--- WHAT TO PRODUCE ---
Which lines in the data below contain the word "Plan"? Copy each of them.

Items listed in a dataset
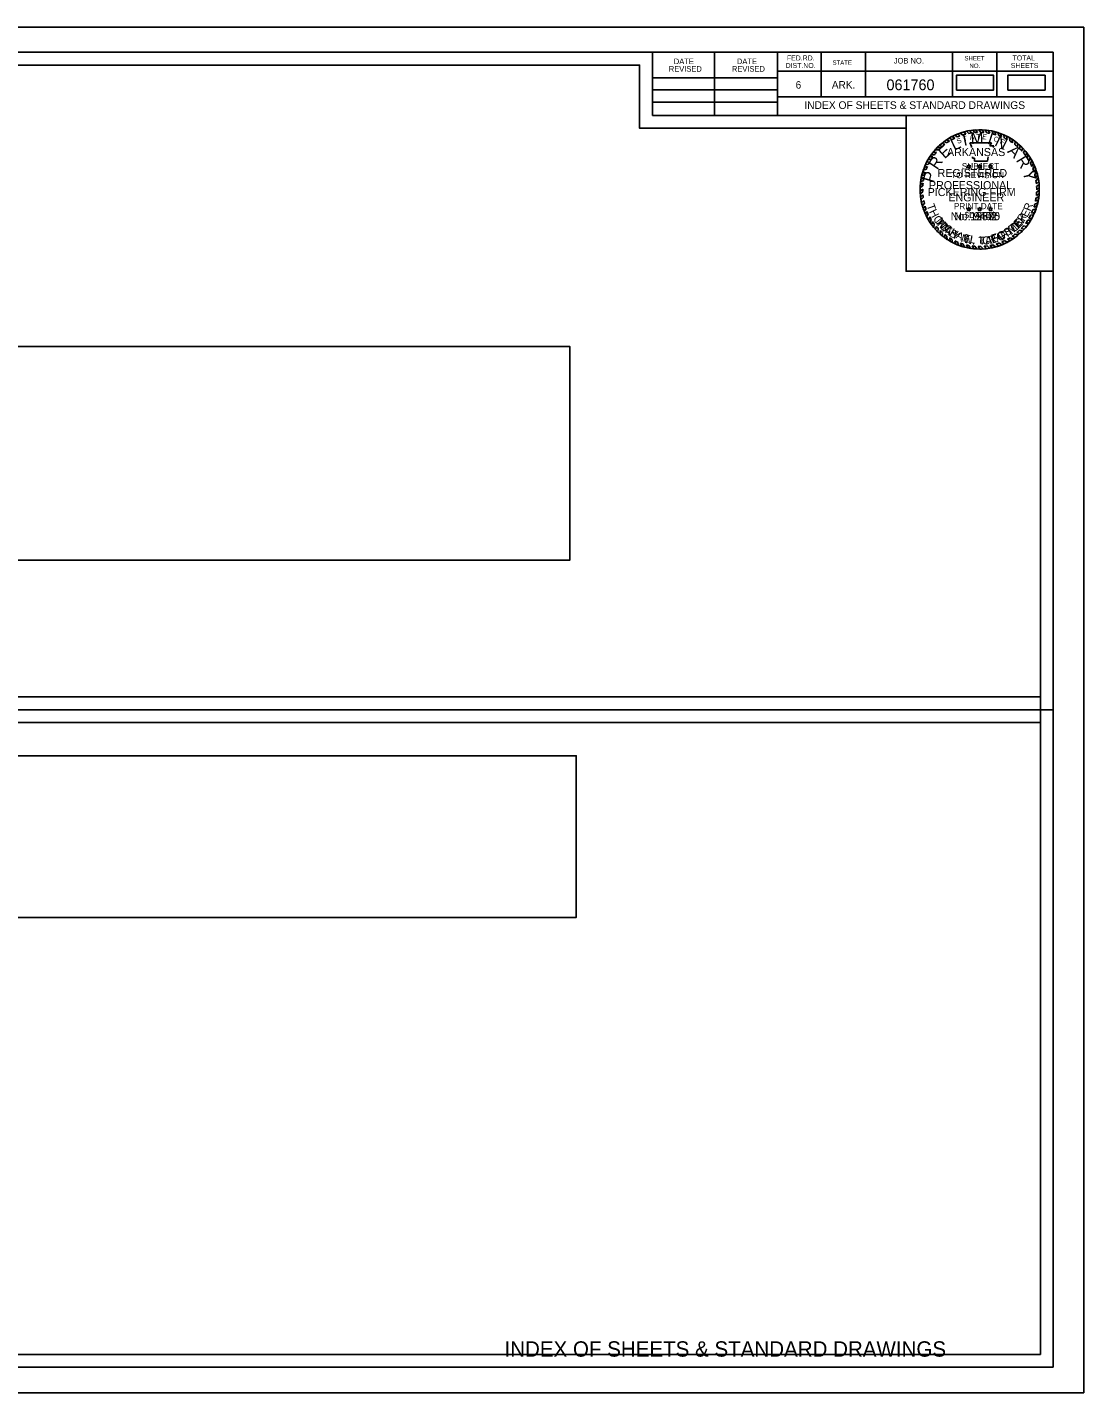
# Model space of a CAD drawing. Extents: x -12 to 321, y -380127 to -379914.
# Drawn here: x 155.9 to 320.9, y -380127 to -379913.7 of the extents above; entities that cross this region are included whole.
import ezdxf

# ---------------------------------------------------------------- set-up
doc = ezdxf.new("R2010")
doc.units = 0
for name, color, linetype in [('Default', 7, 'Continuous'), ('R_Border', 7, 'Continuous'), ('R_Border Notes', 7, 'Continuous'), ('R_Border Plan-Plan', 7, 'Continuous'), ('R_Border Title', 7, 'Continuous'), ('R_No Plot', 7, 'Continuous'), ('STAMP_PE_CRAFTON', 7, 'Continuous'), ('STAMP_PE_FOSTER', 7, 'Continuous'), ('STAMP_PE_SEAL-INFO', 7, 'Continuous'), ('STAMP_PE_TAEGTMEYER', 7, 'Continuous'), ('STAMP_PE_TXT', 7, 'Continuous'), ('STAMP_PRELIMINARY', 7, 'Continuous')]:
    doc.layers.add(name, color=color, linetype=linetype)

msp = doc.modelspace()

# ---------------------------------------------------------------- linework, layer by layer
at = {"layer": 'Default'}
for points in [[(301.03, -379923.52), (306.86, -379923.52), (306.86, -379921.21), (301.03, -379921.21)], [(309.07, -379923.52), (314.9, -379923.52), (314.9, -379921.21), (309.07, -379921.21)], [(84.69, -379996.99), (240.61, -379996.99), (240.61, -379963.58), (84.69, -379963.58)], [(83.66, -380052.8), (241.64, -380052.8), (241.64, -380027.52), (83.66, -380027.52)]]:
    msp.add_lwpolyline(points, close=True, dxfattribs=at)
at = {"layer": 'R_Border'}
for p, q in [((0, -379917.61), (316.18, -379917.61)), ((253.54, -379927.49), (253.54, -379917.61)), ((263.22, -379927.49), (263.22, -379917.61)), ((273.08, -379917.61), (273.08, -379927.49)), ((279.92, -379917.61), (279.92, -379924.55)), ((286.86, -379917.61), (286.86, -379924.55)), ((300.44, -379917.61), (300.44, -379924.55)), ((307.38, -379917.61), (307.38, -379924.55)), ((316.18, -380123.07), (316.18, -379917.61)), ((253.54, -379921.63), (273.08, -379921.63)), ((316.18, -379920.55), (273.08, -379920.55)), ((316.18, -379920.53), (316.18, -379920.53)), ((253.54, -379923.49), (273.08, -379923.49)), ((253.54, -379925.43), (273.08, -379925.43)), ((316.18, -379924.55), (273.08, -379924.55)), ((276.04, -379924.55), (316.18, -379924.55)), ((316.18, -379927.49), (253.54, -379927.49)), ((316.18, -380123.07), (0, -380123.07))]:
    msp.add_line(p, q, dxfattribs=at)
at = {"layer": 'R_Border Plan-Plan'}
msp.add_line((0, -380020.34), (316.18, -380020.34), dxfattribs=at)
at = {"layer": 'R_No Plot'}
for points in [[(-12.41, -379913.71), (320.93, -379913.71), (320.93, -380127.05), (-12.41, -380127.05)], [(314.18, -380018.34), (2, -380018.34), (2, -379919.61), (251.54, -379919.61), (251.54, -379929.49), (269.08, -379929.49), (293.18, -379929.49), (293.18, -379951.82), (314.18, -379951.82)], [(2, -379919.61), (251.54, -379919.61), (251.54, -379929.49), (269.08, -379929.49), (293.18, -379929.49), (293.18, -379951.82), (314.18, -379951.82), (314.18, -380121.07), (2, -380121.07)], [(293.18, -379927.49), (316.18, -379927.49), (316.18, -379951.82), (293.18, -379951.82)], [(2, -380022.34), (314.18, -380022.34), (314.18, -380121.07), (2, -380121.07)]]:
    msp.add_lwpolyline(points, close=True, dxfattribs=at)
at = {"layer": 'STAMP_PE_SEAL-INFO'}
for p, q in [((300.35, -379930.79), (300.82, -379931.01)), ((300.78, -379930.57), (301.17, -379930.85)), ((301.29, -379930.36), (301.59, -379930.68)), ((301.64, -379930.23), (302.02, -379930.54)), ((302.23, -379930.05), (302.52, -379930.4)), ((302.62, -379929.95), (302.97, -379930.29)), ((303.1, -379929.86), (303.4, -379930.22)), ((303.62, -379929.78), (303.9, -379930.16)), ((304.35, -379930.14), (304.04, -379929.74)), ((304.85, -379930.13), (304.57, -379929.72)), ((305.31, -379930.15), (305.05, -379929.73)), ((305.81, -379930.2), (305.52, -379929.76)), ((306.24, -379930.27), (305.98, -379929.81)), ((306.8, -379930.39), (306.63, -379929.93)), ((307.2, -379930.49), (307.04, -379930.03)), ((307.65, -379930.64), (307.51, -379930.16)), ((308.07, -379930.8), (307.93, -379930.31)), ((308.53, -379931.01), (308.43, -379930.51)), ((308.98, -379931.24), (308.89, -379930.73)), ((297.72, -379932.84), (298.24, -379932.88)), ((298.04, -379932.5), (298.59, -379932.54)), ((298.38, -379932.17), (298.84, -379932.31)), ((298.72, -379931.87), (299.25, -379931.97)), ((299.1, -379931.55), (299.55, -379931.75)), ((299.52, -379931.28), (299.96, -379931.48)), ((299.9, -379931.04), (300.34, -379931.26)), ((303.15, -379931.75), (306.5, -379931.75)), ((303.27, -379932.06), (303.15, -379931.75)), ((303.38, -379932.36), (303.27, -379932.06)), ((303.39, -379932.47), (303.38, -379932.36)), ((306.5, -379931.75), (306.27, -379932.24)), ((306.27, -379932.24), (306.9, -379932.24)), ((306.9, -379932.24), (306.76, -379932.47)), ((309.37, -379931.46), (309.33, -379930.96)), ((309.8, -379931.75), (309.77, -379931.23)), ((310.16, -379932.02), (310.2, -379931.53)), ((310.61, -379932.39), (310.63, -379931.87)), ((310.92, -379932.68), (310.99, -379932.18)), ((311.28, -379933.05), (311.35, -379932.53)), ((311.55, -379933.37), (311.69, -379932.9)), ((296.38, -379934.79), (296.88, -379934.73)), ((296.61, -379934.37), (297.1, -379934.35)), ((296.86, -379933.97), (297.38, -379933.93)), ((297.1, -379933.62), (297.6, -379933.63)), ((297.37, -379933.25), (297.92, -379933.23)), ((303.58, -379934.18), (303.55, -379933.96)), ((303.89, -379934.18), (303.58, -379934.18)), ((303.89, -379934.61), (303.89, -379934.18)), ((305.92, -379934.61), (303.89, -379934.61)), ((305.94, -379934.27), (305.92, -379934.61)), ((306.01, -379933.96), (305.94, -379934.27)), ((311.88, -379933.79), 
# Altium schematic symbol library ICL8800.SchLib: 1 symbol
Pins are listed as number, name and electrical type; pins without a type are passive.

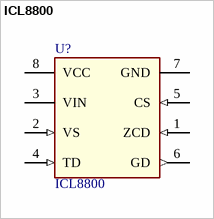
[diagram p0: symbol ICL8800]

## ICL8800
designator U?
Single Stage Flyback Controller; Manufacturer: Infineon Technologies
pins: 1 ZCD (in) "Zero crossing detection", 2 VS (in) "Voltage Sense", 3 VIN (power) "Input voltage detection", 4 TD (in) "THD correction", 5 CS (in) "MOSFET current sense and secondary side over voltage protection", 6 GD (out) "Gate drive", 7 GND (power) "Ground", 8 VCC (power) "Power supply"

--- SOLUTION FOR THIS TASK ---
for name, color, linetype in [('Default', 7, 'Continuous'), ('R_Border', 7, 'Continuous'), ('R_Border Notes', 7, 'Continuous'), ('R_Border Plan-Plan', 7, 'Continuous'), ('R_Border Title', 7, 'Continuous'), ('R_No Plot', 7, 'Continuous'), ('STAMP_PE_CRAFTON', 7, 'Continuous'), ('STAMP_PE_FOSTER', 7, 'Continuous'), ('STAMP_PE_SEAL-INFO', 7, 'Continuous'), ('STAMP_PE_TAEGTMEYER', 7, 'Continuous'), ('STAMP_PE_TXT', 7, 'Continuous'), ('STAMP_PRELIMINARY', 7, 'Continuous')]:
at = {"layer": 'R_Border Plan-Plan'}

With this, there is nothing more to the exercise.